Return all lines of the listing below that carry the word "with".

——

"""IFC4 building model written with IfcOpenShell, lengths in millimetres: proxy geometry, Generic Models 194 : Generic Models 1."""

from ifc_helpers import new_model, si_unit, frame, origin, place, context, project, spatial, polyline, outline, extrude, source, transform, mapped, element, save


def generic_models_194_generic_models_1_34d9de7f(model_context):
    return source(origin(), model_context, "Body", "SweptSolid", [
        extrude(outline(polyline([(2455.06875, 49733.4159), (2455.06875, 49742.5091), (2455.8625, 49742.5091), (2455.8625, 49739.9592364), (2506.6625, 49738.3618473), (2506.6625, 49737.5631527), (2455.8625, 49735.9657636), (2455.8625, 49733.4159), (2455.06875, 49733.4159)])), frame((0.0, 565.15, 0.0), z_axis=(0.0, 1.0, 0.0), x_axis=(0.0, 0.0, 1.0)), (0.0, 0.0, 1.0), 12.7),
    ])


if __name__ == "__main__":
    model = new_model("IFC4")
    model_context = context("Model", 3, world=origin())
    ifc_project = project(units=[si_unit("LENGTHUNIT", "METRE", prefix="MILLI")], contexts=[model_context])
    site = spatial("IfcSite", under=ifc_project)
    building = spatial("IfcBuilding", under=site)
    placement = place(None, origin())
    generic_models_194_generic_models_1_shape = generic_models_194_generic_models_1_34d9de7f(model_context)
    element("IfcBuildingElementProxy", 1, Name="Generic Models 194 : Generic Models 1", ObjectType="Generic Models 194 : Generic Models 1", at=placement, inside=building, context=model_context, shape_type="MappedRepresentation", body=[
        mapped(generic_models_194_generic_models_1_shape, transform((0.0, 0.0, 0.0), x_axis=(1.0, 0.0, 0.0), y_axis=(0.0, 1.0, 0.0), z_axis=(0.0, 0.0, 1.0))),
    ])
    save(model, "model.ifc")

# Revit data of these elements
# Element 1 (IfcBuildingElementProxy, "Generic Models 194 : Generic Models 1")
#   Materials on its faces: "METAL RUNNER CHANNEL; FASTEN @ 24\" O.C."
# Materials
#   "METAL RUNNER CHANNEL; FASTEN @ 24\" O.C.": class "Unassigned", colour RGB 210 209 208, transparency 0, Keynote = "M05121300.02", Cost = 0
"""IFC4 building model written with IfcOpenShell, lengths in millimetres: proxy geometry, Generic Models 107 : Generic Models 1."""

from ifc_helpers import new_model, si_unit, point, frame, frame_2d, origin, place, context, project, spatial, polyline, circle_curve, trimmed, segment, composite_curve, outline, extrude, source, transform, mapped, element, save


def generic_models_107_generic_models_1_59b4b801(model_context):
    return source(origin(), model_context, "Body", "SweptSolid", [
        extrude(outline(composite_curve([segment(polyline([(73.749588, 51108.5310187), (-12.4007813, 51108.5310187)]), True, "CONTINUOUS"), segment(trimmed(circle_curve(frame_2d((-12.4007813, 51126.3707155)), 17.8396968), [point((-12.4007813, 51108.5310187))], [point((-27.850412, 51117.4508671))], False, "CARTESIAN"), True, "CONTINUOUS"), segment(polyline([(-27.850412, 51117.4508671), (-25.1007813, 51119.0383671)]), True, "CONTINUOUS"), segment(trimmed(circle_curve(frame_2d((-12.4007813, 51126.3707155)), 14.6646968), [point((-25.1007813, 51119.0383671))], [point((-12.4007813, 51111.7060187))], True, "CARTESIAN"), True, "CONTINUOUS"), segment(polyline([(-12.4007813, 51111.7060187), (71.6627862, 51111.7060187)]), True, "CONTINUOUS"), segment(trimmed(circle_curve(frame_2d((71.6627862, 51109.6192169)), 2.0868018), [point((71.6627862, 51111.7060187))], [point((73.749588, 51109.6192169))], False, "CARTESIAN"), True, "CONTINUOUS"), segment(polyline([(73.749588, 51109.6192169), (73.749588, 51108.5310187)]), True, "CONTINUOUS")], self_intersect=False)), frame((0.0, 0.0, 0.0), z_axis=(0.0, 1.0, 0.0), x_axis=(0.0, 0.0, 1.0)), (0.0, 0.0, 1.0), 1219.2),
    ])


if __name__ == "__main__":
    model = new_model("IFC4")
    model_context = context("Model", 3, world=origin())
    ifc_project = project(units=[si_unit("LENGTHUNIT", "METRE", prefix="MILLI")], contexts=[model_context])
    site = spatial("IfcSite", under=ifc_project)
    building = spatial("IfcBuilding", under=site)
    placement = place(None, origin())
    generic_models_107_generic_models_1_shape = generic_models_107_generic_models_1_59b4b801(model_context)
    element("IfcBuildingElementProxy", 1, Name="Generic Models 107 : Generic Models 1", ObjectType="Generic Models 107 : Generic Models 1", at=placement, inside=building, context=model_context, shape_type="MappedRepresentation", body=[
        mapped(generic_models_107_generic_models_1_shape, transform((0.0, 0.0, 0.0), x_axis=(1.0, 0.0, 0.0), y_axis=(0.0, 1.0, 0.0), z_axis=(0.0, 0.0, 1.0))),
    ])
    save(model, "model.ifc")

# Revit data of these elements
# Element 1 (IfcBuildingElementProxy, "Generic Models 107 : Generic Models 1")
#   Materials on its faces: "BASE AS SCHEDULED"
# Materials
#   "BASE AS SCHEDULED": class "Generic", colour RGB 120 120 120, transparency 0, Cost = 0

——

▶ **Output for this task**:
"""IFC4 building model written with IfcOpenShell, lengths in millimetres: proxy geometry, Generic Models 194 : Generic Models 1."""
"""IFC4 building model written with IfcOpenShell, lengths in millimetres: proxy geometry, Generic Models 107 : Generic Models 1."""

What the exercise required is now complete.